K Moholkar, M Baj
bone disorder, deh, dysplasia epiphysialis hemimelica, medicine, radiology
K Moholkar, M Baj. Dysplasia Epiphysealis Hemimelica Of Lateral Aspect Of The Distal Ulnar Epiphysis. The Internet Journal of Radiology. 2000 Volume 2 Number 1.
Dysplasia epiphysialis hemimelica (DEH) is a rare developmental disorder 1 affecting one or more epiphyses of the long bone and/or short bones of the carpus or tarsus 2.It usually affects the lower limb but upper limb involvements have been reported. Involvement of the ulna is very rare 3. Microscopically this lesion comprises of ostecartilaginous exostosis. The purpose of this case report is to report a atypical case of a patient who had the lateral aspect of the distal ulnar epiphysis involved which has not been reported before, review the literature and discuss the management.
A 15-year-old female presented to the orthopaedic clinic with a long history of swelling and pain in the left wrist. Clinically there was no limitation of the range of motion of the wrist or shortening of the limb and the right wrist was unaffected without any symptoms.

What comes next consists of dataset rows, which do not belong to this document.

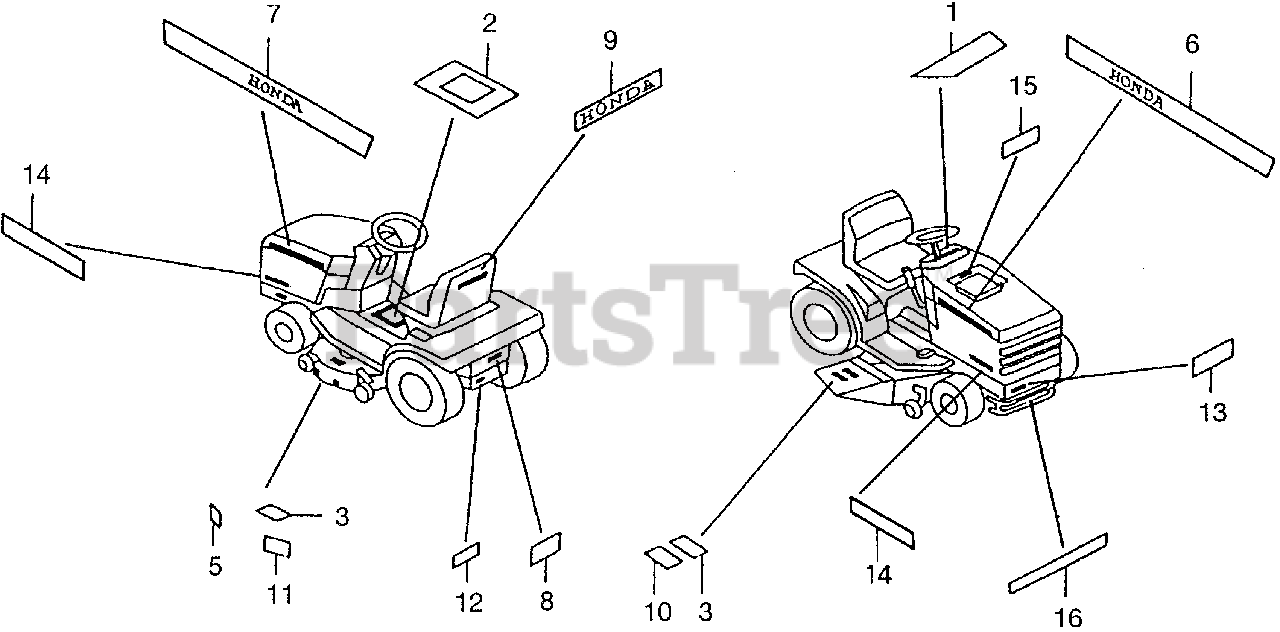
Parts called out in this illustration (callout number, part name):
1	LABEL, DASH
2	LABEL, OPERATION
3	LABEL, WARNING (A)
5	MARK, INCH SIZE (38)
6	MARK, R. STRIPE
7	MARK, L. STRIPE
8	LABEL, MANUAL
9	MARK, SEAT EMBLEM
10	MARK KIT
10	MARK, DANGER (A)
11	MARK, HEIGHT OPERATION
12	MARK, MANUFACTURER
13	MARK KIT
13	LABEL, HEAT WARNING
14	MARK, SALES POINT
15	LABEL, SCREEN
16	MARK, FIRE CAUTION

Radiographs of the wrist showed an enlarged lateral half of the distal ulnar epiphysis. The height of the distal ulnar epiphysis was more than the styloid process of the ulna. The styloid process appeared normal and unaffected. There was superior contouring of the enlarged part of the epiphysis. This enlarged portion of the epiphysis abutted against the medial part of the distal end of the radius. There was also minimal subluxation of the distal radioulnar joint.
The distal end of the radius and the carpal bones were normal. We made a diagnosis of Dysplasia epiphysealis hemimelica.
Dysplasia epiphysealis hemimelica is a rare developmental disorder of the childhood with a reported incidence of about 1:1000,000 1 .It was first described by Mouchet and Balot in 1926 3. It generally manifests between ages of 2 to 14 with a male to female ratio of 3:1 4.
Majority of the case report about this condition are regarding the lower extremity. The common presentation is that of a painless bony swelling with or without joint deformity. Rarely upper limb is involved. Although there is no definite genetic involvement, Hessinger et al 5 described 7 cases in 12 generations of one family. The lesion usually affects one half of the epiphysis medial or the lateral side hence the term hemimelica in its description.
Histologically, the lesion is indistinguishable from an osteochondroma 6.
The aetiology of the disorder is unknown. Malignant transformation has been reported.
Our case was atypical because of several reasons.Few cases of DEH involving the distal ulna are reported 2,3,7. .With none involving the lateral half of the distal ulnar epiphysis. The presentation at 15 yrs was quiet late with pain where pain is not a constant feature.
Surgery is often required if there is pain or functional impairment due to deformity or compression of the adjacent articular structures 1. Our patient did not wish to undergo surgery as the pain was not intolerable.At a recent follow-up visit ,more than a year after her initial presentation she is completely pain free.